• [What is expected]: Only lines holding the word "sizes" should be copied from the material.
*** Dataset records Section Begins ***
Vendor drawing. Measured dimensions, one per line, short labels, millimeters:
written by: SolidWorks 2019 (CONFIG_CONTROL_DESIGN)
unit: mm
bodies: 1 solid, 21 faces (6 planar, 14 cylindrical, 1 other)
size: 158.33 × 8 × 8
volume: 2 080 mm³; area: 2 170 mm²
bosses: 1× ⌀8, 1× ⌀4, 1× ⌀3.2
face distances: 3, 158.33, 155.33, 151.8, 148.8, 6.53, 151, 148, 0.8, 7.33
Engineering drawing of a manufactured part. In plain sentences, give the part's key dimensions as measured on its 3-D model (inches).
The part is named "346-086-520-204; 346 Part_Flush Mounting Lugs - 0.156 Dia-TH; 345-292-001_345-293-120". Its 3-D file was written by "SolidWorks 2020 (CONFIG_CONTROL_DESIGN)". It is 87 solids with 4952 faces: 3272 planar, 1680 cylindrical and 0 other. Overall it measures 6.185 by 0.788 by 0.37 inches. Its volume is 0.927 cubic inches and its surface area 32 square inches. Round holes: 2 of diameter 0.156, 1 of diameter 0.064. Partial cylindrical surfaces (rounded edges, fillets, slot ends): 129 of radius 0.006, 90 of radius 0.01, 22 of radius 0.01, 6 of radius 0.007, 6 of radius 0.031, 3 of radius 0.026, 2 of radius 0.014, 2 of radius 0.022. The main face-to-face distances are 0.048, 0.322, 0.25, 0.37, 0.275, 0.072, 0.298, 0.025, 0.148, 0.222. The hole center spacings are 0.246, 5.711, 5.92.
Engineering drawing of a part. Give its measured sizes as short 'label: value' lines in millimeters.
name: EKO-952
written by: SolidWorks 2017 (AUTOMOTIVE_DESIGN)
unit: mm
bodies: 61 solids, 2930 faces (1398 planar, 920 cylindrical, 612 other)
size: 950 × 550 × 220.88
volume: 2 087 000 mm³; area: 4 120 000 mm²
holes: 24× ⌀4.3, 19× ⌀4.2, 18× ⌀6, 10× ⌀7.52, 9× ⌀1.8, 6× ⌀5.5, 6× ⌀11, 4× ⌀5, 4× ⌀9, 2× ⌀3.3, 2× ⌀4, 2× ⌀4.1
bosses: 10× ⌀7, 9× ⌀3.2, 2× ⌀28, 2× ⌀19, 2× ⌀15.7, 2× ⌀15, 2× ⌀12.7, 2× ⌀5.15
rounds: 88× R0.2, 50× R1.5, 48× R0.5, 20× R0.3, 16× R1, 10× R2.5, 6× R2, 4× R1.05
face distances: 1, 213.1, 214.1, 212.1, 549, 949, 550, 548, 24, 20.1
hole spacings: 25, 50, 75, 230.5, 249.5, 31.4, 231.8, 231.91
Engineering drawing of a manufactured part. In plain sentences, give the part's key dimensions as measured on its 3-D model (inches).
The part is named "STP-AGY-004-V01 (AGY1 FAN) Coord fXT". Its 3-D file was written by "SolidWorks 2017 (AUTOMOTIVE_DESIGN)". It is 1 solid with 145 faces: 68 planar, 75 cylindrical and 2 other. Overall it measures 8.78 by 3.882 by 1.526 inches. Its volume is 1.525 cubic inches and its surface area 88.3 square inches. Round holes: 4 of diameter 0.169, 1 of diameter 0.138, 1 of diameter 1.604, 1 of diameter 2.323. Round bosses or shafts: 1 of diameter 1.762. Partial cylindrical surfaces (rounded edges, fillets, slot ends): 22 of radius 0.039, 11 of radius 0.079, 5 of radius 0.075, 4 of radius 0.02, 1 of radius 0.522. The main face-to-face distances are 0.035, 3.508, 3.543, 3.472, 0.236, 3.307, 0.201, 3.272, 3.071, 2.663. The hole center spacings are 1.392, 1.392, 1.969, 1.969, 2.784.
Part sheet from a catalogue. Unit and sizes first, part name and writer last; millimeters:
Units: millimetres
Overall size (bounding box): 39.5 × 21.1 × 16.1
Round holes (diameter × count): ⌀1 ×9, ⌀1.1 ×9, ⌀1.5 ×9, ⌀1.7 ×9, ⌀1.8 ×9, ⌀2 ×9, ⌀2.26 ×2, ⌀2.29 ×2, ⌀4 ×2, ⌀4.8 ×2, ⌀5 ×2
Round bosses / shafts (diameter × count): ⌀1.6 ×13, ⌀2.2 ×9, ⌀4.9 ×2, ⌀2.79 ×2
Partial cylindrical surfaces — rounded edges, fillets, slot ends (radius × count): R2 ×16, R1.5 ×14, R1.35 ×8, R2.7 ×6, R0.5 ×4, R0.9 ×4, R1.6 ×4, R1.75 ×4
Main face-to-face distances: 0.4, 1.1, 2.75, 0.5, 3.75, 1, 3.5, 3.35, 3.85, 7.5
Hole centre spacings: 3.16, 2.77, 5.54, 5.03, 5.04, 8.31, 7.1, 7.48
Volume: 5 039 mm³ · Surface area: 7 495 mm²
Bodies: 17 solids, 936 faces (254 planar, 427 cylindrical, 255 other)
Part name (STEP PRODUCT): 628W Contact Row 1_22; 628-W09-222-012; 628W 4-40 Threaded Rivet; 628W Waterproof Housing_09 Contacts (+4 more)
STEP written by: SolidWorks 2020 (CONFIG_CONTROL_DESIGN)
*** Dataset records Section Ends ***
• [Answer to the exercise]:
Engineering drawing of a part. Give its measured sizes as short 'label: value' lines in millimeters.
Part sheet from a catalogue. Unit and sizes first, part name and writer last; millimeters:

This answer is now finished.